■ **Exercise requirements**
Which lines of the data below contain "element"? Please show them all.

(Source data)
#####

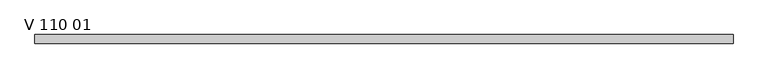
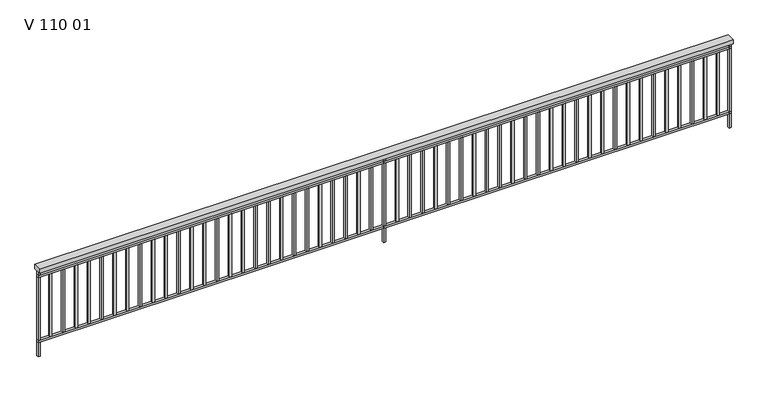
"""IFC4 building model written with IfcOpenShell, lengths in millimetres: railing geometry, V 110 01."""

from ifc_helpers import new_model, si_unit, frame, origin, origin_with_axes, place, context, project, spatial, polyline, outline, extrude, source, transform, mapped, element, save


def v_110_01_298ecec1(model_context):
    return source(origin(), model_context, "Body", "SweptSolid", [
        extrude(outline(polyline([(57934.3577062, -9645.2593714), (57934.3577062, -9545.2593714), (66001.0243729, -9545.2593714), (66001.0243729, -9645.2593714), (57934.3577062, -9645.2593714)])), frame((0.0, 0.0, 1050.0), z_axis=(0.0, 0.0, 1.0), x_axis=(1.0, 0.0, 0.0)), (0.0, 0.0, 1.0), 50.0),
        extrude(outline(polyline([(57934.3577062, -9607.7593714), (57934.3577062, -9582.7593714), (66001.0243729, -9582.7593714), (66001.0243729, -9607.7593714), (57934.3577062, -9607.7593714)])), frame((0.0, 0.0, 975.0), z_axis=(0.0, 0.0, 1.0), x_axis=(1.0, 0.0, 0.0)), (0.0, 0.0, 1.0), 25.0),
        extrude(outline(polyline([(57934.3577062, -9607.7593714), (57934.3577062, -9582.7593714), (66001.0243729, -9582.7593714), (66001.0243729, -9607.7593714), (57934.3577062, -9607.7593714)])), frame((0.0, 0.0, 175.0), z_axis=(0.0, 0.0, 1.0), x_axis=(1.0, 0.0, 0.0)), (0.0, 0.0, 1.0), 25.0),
        extrude(outline(polyline([(65839.1416568, -9607.7593714), (65839.1416568, -9582.7593714), (65864.1416568, -9582.7593714), (65864.1416568, -9607.7593714), (65839.1416568, -9607.7593714)])), frame((0.0, 0.0, 200.0), z_axis=(0.0, 0.0, 1.0), x_axis=(1.0, 0.0, 0.0)), (0.0, 0.0, 1.0), 775.0),
        extrude(outline(polyline([(65689.7589408, -9607.7593714), (65689.7589408, -9582.7593714), (65714.7589408, -9582.7593714), (65714.7589408, -9607.7593714), (65689.7589408, -9607.7593714)])), frame((0.0, 0.0, 200.0), z_axis=(0.0, 0.0, 1.0), x_axis=(1.0, 0.0, 0.0)), (0.0, 0.0, 1.0), 775.0),
        extrude(outline(polyline([(65540.3762247, -9607.7593714), (65540.3762247, -9582.7593714), (65565.3762247, -9582.7593714), (65565.3762247, -9607.7593714), (65540.3762247, -9607.7593714)])), frame((0.0, 0.0, 200.0), z_axis=(0.0, 0.0, 1.0), x_axis=(1.0, 0.0, 0.0)), (0.0, 0.0, 1.0), 775.0),
        extrude(outline(polyline([(65390.9935087, -9607.7593714), (65390.9935087, -9582.7593714), (65415.9935087, -9582.7593714), (65415.9935087, -9607.7593714), (65390.9935087, -9607.7593714)])), frame((0.0, 0.0, 200.0), z_axis=(0.0, 0.0, 1.0), x_axis=(1.0, 0.0, 0.0)), (0.0, 0.0, 1.0), 775.0),
        extrude(outline(polyline([(65241.6107926, -9607.7593714), (65241.6107926, -9582.7593714), (65266.6107926, -9582.7593714), (65266.6107926, -9607.7593714), (65241.6107926, -9607.7593714)])), frame((0.0, 0.0, 200.0), z_axis=(0.0, 0.0, 1.0), x_axis=(1.0, 0.0, 0.0)), (0.0, 0.0, 1.0), 775.0),
        extrude(outline(polyline([(65092.2280766, -9607.7593714), (65092.2280766, -9582.7593714), (65117.2280766, -9582.7593714), (65117.2280766, -9607.7593714), (65092.2280766, -9607.7593714)])), frame((0.0, 0.0, 200.0), z_axis=(0.0, 0.0, 1.0), x_axis=(1.0, 0.0, 0.0)), (0.0, 0.0, 1.0), 775.0),
        extrude(outline(polyline([(64942.8453605, -9607.7593714), (64942.8453605, -9582.7593714), (64967.8453605, -9582.7593714), (64967.8453605, -9607.7593714), (64942.8453605, -9607.7593714)])), frame((0.0, 0.0, 200.0), z_axis=(0.0, 0.0, 1.0), x_axis=(1.0, 0.0, 0.0)), (0.0, 0.0, 1.0), 775.0),
        extrude(outline(polyline([(64793.4626445, -9607.7593714), (64793.4626445, -9582.7593714), (64818.4626445, -9582.7593714), (64818.4626445, -9607.7593714), (64793.4626445, -9607.7593714)])), frame((0.0, 0.0, 200.0), z_axis=(0.0, 0.0, 1.0), x_axis=(1.0, 0.0, 0.0)), (0.0, 0.0, 1.0), 775.0),
        extrude(outline(polyline([(64644.0799284, -9607.7593714), (64644.0799284, -9582.7593714), (64669.0799284, -9582.7593714), (64669.0799284, -9607.7593714), (64644.0799284, -9607.7593714)])), frame((0.0, 0.0, 200.0), z_axis=(0.0, 0.0, 1.0), x_axis=(1.0, 0.0, 0.0)), (0.0, 0.0, 1.0), 775.0),
        extrude(outline(polyline([(64494.6972124, -9607.7593714), (64494.6972124, -9582.7593714), (64519.6972124, -9582.7593714), (64519.6972124, -9607.7593714), (64494.6972124, -9607.7593714)])), frame((0.0, 0.0, 200.0), z_axis=(0.0, 0.0, 1.0), x_axis=(1.0, 0.0, 0.0)), (0.0, 0.0, 1.0), 775.0),
        extrude(outline(polyline([(64345.3144963, -9607.7593714), (64345.3144963, -9582.7593714), (64370.3144963, -9582.7593714), (64370.3144963, -9607.7593714), (64345.3144963, -9607.7593714)])), frame((0.0, 0.0, 200.0), z_axis=(0.0, 0.0, 1.0), x_axis=(1.0, 0.0, 0.0)), (0.0, 0.0, 1.0), 775.0),
        extrude(outline(polyline([(64195.9317803, -9607.7593714), (64195.9317803, -9582.7593714), (64220.9317803, -9582.7593714), (64220.9317803, -9607.7593714), (64195.9317803, -9607.7593714)])), frame((0.0, 0.0, 200.0), z_axis=(0.0, 0.0, 1.0), x_axis=(1.0, 0.0, 0.0)), (0.0, 0.0, 1.0), 775.0),
        extrude(outline(polyline([(64046.5490642, -9607.7593714), (64046.5490642, -9582.7593714), (64071.5490642, -9582.7593714), (64071.5490642, -9607.7593714), (64046.5490642, -9607.7593714)])), frame((0.0, 0.0, 200.0), z_axis=(0.0, 0.0, 1.0), x_axis=(1.0, 0.0, 0.0)), (0.0, 0.0, 1.0), 775.0),
        extrude(outline(polyline([(63897.1663482, -9607.7593714), (63897.1663482, -9582.7593714), (63922.1663482, -9582.7593714), (63922.1663482, -9607.7593714), (63897.1663482, -9607.7593714)])), frame((0.0, 0.0, 200.0), z_axis=(0.0, 0.0, 1.0), x_axis=(1.0, 0.0, 0.0)), (0.0, 0.0, 1.0), 775.0),
        extrude(outline(polyline([(63747.7836321, -9607.7593714), (63747.7836321, -9582.7593714), (63772.7836321, -9582.7593714), (63772.7836321, -9607.7593714), (63747.7836321, -9607.7593714)])), frame((0.0, 0.0, 200.0), z_axis=(0.0, 0.0, 1.0), x_axis=(1.0, 0.0, 0.0)), (0.0, 0.0, 1.0), 775.0),
        extrude(outline(polyline([(63598.4009161, -9607.7593714), (63598.4009161, -9582.7593714), (63623.4009161, -9582.7593714), (63623.4009161, -9607.7593714), (63598.4009161, -9607.7593714)])), frame((0.0, 0.0, 200.0), z_axis=(0.0, 0.0, 1.0), x_axis=(1.0, 0.0, 0.0)), (0.0, 0.0, 1.0), 775.0),
        extrude(outline(polyline([(63449.0182, -9607.7593714), (63449.0182, -9582.7593714), (63474.0182, -9582.7593714), (63474.0182, -9607.7593714), (63449.0182, -9607.7593714)])), frame((0.0, 0.0, 200.0), z_axis=(0.0, 0.0, 1.0), x_axis=(1.0, 0.0, 0.0)), (0.0, 0.0, 1.0), 775.0),
        extrude(outline(polyline([(63299.635484, -9607.7593714), (63299.635484, -9582.7593714), (63324.635484, -9582.7593714), (63324.635484, -9607.7593714), (63299.635484, -9607.7593714)])), frame((0.0, 0.0, 200.0), z_axis=(0.0, 0.0, 1.0), x_axis=(1.0, 0.0, 0.0)), (0.0, 0.0, 1.0), 775.0),
        extrude(outline(polyline([(63150.2527679, -9607.7593714), (63150.2527679, -9582.7593714), (63175.2527679, -9582.7593714), (63175.2527679, -9607.7593714), (63150.2527679, -9607.7593714)])), frame((0.0, 0.0, 200.0), z_axis=(0.0, 0.0, 1.0), x_axis=(1.0, 0.0, 0.0)), (0.0, 0.0, 1.0), 775.0),
        extrude(outline(polyline([(63000.8700519, -9607.7593714), (63000.8700519, -9582.7593714), (63025.8700519, -9582.7593714), (63025.8700519, -9607.7593714), (63000.8700519, -9607.7593714)])), frame((0.0, 0.0, 200.0), z_axis=(0.0, 0.0, 1.0), x_axis=(1.0, 0.0, 0.0)), (0.0, 0.0, 1.0), 775.0),
        extrude(outline(polyline([(62851.4873358, -9607.7593714), (62851.4873358, -9582.7593714), (62876.4873358, -9582.7593714), (62876.4873358, -9607.7593714), (62851.4873358, -9607.7593714)])), frame((0.0, 0.0, 200.0), z_axis=(0.0, 0.0, 1.0), x_axis=(1.0, 0.0, 0.0)), (0.0, 0.0, 1.0), 775.0),
        extrude(outline(polyline([(62702.1046198, -9607.7593714), (62702.1046198, -9582.7593714), (62727.1046198, -9582.7593714), (62727.1046198, -9607.7593714), (62702.1046198, -9607.7593714)])), frame((0.0, 0.0, 200.0), z_axis=(0.0, 0.0, 1.0), x_axis=(1.0, 0.0, 0.0)), (0.0, 0.0, 1.0), 775.0),
        extrude(outline(polyline([(62552.7219037, -9607.7593714), (62552.7219037, -9582.7593714), (62577.7219037, -9582.7593714), (62577.7219037, -9607.7593714), (62552.7219037, -9607.7593714)])), frame((0.0, 0.0, 200.0), z_axis=(0.0, 0.0, 1.0), x_axis=(1.0, 0.0, 0.0)), (0.0, 0.0, 1.0), 775.0),
        extrude(outline(polyline([(62403.3391877, -9607.7593714), (62403.3391877, -9582.7593714), (62428.3391877, -9582.7593714), (62428.3391877, -9607.7593714), (62403.3391877, -9607.7593714)])), frame((0.0, 0.0, 200.0), z_axis=(0.0, 0.0, 1.0), x_axis=(1.0, 0.0, 0.0)), (0.0, 0.0, 1.0), 775.0),
        extrude(outline(polyline([(62253.9564716, -9607.7593714), (62253.9564716, -9582.7593714), (62278.9564716, -9582.7593714), (62278.9564716, -9607.7593714), (62253.9564716, -9607.7593714)])), frame((0.0, 0.0, 200.0), z_axis=(0.0, 0.0, 1.0), x_axis=(1.0, 0.0, 0.0)), (0.0, 0.0, 1.0), 775.0),
        extrude(outline(polyline([(62104.5737556, -9607.7593714), (62104.5737556, -9582.7593714), (62129.5737556, -9582.7593714), (62129.5737556, -9607.7593714), (62104.5737556, -9607.7593714)])), frame((0.0, 0.0, 200.0), z_axis=(0.0, 0.0, 1.0), x_axis=(1.0, 0.0, 0.0)), (0.0, 0.0, 1.0), 775.0),
        extrude(outline(polyline([(61805.8083235, -9607.7593714), (61805.8083235, -9582.7593714), (61830.8083235, -9582.7593714), (61830.8083235, -9607.7593714), (61805.8083235, -9607.7593714)])), frame((0.0, 0.0, 200.0), z_axis=(0.0, 0.0, 1.0), x_axis=(1.0, 0.0, 0.0)), (0.0, 0.0, 1.0), 775.0),
        extrude(outline(polyline([(61656.4256074, -9607.7593714), (61656.4256074, -9582.7593714), (61681.4256074, -9582.7593714), (61681.4256074, -9607.7593714), (61656.4256074, -9607.7593714)])), frame((0.0, 0.0, 200.0), z_axis=(0.0, 0.0, 1.0), x_axis=(1.0, 0.0, 0.0)), (0.0, 0.0, 1.0), 775.0),
        extrude(outline(polyline([(61507.0428914, -9607.7593714), (61507.0428914, -9582.7593714), (61532.0428914, -9582.7593714), (61532.0428914, -9607.7593714), (61507.0428914, -9607.7593714)])), frame((0.0, 0.0, 200.0), z_axis=(0.0, 0.0, 1.0), x_axis=(1.0, 0.0, 0.0)), (0.0, 0.0, 1.0), 775.0),
        extrude(outline(polyline([(61357.6601753, -9607.7593714), (61357.6601753, -9582.7593714), (61382.6601753, -9582.7593714), (61382.6601753, -9607.7593714), (61357.6601753, -9607.7593714)])), frame((0.0, 0.0, 200.0), z_axis=(0.0, 0.0, 1.0), x_axis=(1.0, 0.0, 0.0)), (0.0, 0.0, 1.0), 775.0),
        extrude(outline(polyline([(61208.2774593, -9607.7593714), (61208.2774593, -9582.7593714), (61233.2774593, -9582.7593714), (61233.2774593, -9607.7593714), (61208.2774593, -9607.7593714)])), frame((0.0, 0.0, 200.0), z_axis=(0.0, 0.0, 1.0), x_axis=(1.0, 0.0, 0.0)), (0.0, 0.0, 1.0), 775.0),
        extrude(outline(polyline([(61058.8947432, -9607.7593714), (61058.8947432, -9582.7593714), (61083.8947432, -9582.7593714), (61083.8947432, -9607.7593714), (61058.8947432, -9607.7593714)])), frame((0.0, 0.0, 200.0), z_axis=(0.0, 0.0, 1.0), x_axis=(1.0, 0.0, 0.0)), (0.0, 0.0, 1.0), 775.0),
        extrude(outline(polyline([(60909.5120272, -9607.7593714), (60909.5120272, -9582.7593714), (60934.5120272, -9582.7593714), (60934.5120272, -9607.7593714), (60909.5120272, -9607.7593714)])), frame((0.0, 0.0, 200.0), z_axis=(0.0, 0.0, 1.0), x_axis=(1.0, 0.0, 0.0)), (0.0, 0.0, 1.0), 775.0),
        extrude(outline(polyline([(60760.1293111, -9607.7593714), (60760.1293111, -9582.7593714), (60785.1293111, -9582.7593714), (60785.1293111, -9607.7593714), (60760.1293111, -9607.7593714)])), frame((0.0, 0.0, 200.0), z_axis=(0.0, 0.0, 1.0), x_axis=(1.0, 0.0, 0.0)), (0.0, 0.0, 1.0), 775.0),
        extrude(outline(polyline([(60610.7465951, -9607.7593714), (60610.7465951, -9582.7593714), (60635.7465951, -9582.7593714), (60635.7465951, -9607.7593714), (60610.7465951, -9607.7593714)])), frame((0.0, 0.0, 200.0), z_axis=(0.0, 0.0, 1.0), x_axis=(1.0, 0.0, 0.0)), (0.0, 0.0, 1.0), 775.0),
        extrude(outline(polyline([(60461.363879, -9607.7593714), (60461.363879, -9582.7593714), (60486.363879, -9582.7593714), (60486.363879, -9607.7593714), (60461.363879, -9607.7593714)])), frame((0.0, 0.0, 200.0), z_axis=(0.0, 0.0, 1.0), x_axis=(1.0, 0.0, 0.0)), (0.0, 0.0, 1.0), 775.0),
        extrude(outline(polyline([(60311.981163, -9607.7593714), (60311.981163, -9582.7593714), (60336.981163, -9582.7593714), (60336.981163, -9607.7593714), (60311.981163, -9607.7593714)])), frame((0.0, 0.0, 200.0), z_axis=(0.0, 0.0, 1.0), x_axis=(1.0, 0.0, 0.0)), (0.0, 0.0, 1.0), 775.0),
        extrude(outline(polyline([(60162.5984469, -9607.7593714), (60162.5984469, -9582.7593714), (60187.5984469, -9582.7593714), (60187.5984469, -9607.7593714), (60162.5984469, -9607.7593714)])), frame((0.0, 0.0, 200.0), z_axis=(0.0, 0.0, 1.0), x_axis=(1.0, 0.0, 0.0)), (0.0, 0.0, 1.0), 775.0),
        extrude(outline(polyline([(60013.2157309, -9607.7593714), (60013.2157309, -9582.7593714), (60038.2157309, -9582.7593714), (60038.2157309, -9607.7593714), (60013.2157309, -9607.7593714)])), frame((0.0, 0.0, 200.0), z_axis=(0.0, 0.0, 1.0), x_axis=(1.0, 0.0, 0.0)), (0.0, 0.0, 1.0), 775.0),
        extrude(outline(polyline([(59863.8330148, -9607.7593714), (59863.8330148, -9582.7593714), (59888.8330148, -9582.7593714), (59888.8330148, -9607.7593714), (59863.8330148, -9607.7593714)])), frame((0.0, 0.0, 200.0), z_axis=(0.0, 0.0, 1.0), x_axis=(1.0, 0.0, 0.0)), (0.0, 0.0, 1.0), 775.0),
        extrude(outline(polyline([(59714.4502988, -9607.7593714), (59714.4502988, -9582.7593714), (59739.4502988, -9582.7593714), (59739.4502988, -9607.7593714), (59714.4502988, -9607.7593714)])), frame((0.0, 0.0, 200.0), z_axis=(0.0, 0.0, 1.0), x_axis=(1.0, 0.0, 0.0)), (0.0, 0.0, 1.0), 775.0),
        extrude(outline(polyline([(59565.0675827, -9607.7593714), (59565.0675827, -9582.7593714), (59590.0675827, -9582.7593714), (59590.0675827, -9607.7593714), (59565.0675827, -9607.7593714)])), frame((0.0, 0.0, 200.0), z_axis=(0.0, 0.0, 1.0), x_axis=(1.0, 0.0, 0.0)), (0.0, 0.0, 1.0), 775.0),
        extrude(outline(polyline([(59415.6848667, -9607.7593714), (59415.6848667, -9582.7593714), (59440.6848667, -9582.7593714), (59440.6848667, -9607.7593714), (59415.6848667, -9607.7593714)])), frame((0.0, 0.0, 200.0), z_axis=(0.0, 0.0, 1.0), x_axis=(1.0, 0.0, 0.0)), (0.0, 0.0, 1.0), 775.0),
        extrude(outline(polyline([(59266.3021506, -9607.7593714), (59266.3021506, -9582.7593714), (59291.3021506, -9582.7593714), (59291.3021506, -9607.7593714), (59266.3021506, -9607.7593714)])), frame((0.0, 0.0, 200.0), z_axis=(0.0, 0.0, 1.0), x_axis=(1.0, 0.0, 0.0)), (0.0, 0.0, 1.0), 775.0),
        extrude(outline(polyline([(59116.9194346, -9607.7593714), (59116.9194346, -9582.7593714), (59141.9194346, -9582.7593714), (59141.9194346, -9607.7593714), (59116.9194346, -9607.7593714)])), frame((0.0, 0.0, 200.0), z_axis=(0.0, 0.0, 1.0), x_axis=(1.0, 0.0, 0.0)), (0.0, 0.0, 1.0), 775.0),
        extrude(outline(polyline([(58967.5367185, -9607.7593714), (58967.5367185, -9582.7593714), (58992.5367185, -9582.7593714), (58992.5367185, -9607.7593714), (58967.5367185, -9607.7593714)])), frame((0.0, 0.0, 200.0), z_axis=(0.0, 0.0, 1.0), x_axis=(1.0, 0.0, 0.0)), (0.0, 0.0, 1.0), 775.0),
        extrude(outline(polyline([(58818.1540025, -9607.7593714), (58818.1540025, -9582.7593714), (58843.1540025, -9582.7593714), (58843.1540025, -9607.7593714), (58818.1540025, -9607.7593714)])), frame((0.0, 0.0, 200.0), z_axis=(0.0, 0.0, 1.0), x_axis=(1.0, 0.0, 0.0)), (0.0, 0.0, 1.0), 775.0),
        extrude(outline(polyline([(58668.7712864, -9607.7593714), (58668.7712864, -9582.7593714), (58693.7712864, -9582.7593714), (58693.7712864, -9607.7593714), (58668.7712864, -9607.7593714)])), frame((0.0, 0.0, 200.0), z_axis=(0.0, 0.0, 1.0), x_axis=(1.0, 0.0, 0.0)), (0.0, 0.0, 1.0), 775.0),
        extrude(outline(polyline([(58519.3885704, -9607.7593714), (58519.3885704, -9582.7593714), (58544.3885704, -9582.7593714), (58544.3885704, -9607.7593714), (58519.3885704, -9607.7593714)])), frame((0.0, 0.0, 200.0), z_axis=(0.0, 0.0, 1.0), x_axis=(1.0, 0.0, 0.0)), (0.0, 0.0, 1.0), 775.0),
        extrude(outline(polyline([(58370.0058543, -9607.7593714), (58370.0058543, -9582.7593714), (58395.0058543, -9582.7593714), (58395.0058543, -9607.7593714), (58370.0058543, -9607.7593714)])), frame((0.0, 0.0, 200.0), z_axis=(0.0, 0.0, 1.0), x_axis=(1.0, 0.0, 0.0)), (0.0, 0.0, 1.0), 775.0),
        extrude(outline(polyline([(58220.6231383, -9607.7593714), (58220.6231383, -9582.7593714), (58245.6231383, -9582.7593714), (58245.6231383, -9607.7593714), (58220.6231383, -9607.7593714)])), frame((0.0, 0.0, 200.0), z_axis=(0.0, 0.0, 1.0), x_axis=(1.0, 0.0, 0.0)), (0.0, 0.0, 1.0), 775.0),
        extrude(outline(polyline([(58071.2404222, -9607.7593714), (58071.2404222, -9582.7593714), (58096.2404222, -9582.7593714), (58096.2404222, -9607.7593714), (58071.2404222, -9607.7593714)])), frame((0.0, 0.0, 200.0), z_axis=(0.0, 0.0, 1.0), x_axis=(1.0, 0.0, 0.0)), (0.0, 0.0, 1.0), 775.0),
        extrude(outline(polyline([(61955.1910395, -9607.7593714), (61955.1910395, -9582.7593714), (61980.1910395, -9582.7593714), (61980.1910395, -9607.7593714), (61955.1910395, -9607.7593714)])), origin_with_axes(), (0.0, 0.0, 1.0), 1050.0),
        extrude(outline(polyline([(65976.0243729, -9607.7593714), (65976.0243729, -9582.7593714), (66001.0243729, -9582.7593714), (66001.0243729, -9607.7593714), (65976.0243729, -9607.7593714)])), origin_with_axes(), (0.0, 0.0, 1.0), 1050.0),
        extrude(outline(polyline([(57934.3577062, -9607.7593714), (57934.3577062, -9582.7593714), (57959.3577062, -9582.7593714), (57959.3577062, -9607.7593714), (57934.3577062, -9607.7593714)])), origin_with_axes(), (0.0, 0.0, 1.0), 1050.0),
    ])


if __name__ == "__main__":
    model = new_model("IFC4")
    model_context = context("Model", 3, world=origin())
    ifc_project = project(units=[si_unit("LENGTHUNIT", "METRE", prefix="MILLI")], contexts=[model_context])
    site = spatial("IfcSite", under=ifc_project)
    building = spatial("IfcBuilding", under=site)
    placement = place(None, origin())
    v_110_01_shape = v_110_01_298ecec1(model_context)
    element("IfcRailing", 1, ObjectType="V 110 01", at=placement, inside=building, context=model_context, shape_type="MappedRepresentation", body=[
        mapped(v_110_01_shape, transform((0.0, 0.0, 0.0), x_axis=(1.0, 0.0, 0.0), y_axis=(0.0, 1.0, 0.0), z_axis=(0.0, 0.0, 1.0))),
    ])
    save(model, "model.ifc")

#####

■ **Result of the task**
from ifc_helpers import new_model, si_unit, frame, origin, origin_with_axes, place, context, project, spatial, polyline, outline, extrude, source, transform, mapped, element, save
    element("IfcRailing", 1, ObjectType="V 110 01", at=placement, inside=building, context=model_context, shape_type="MappedRepresentation", body=[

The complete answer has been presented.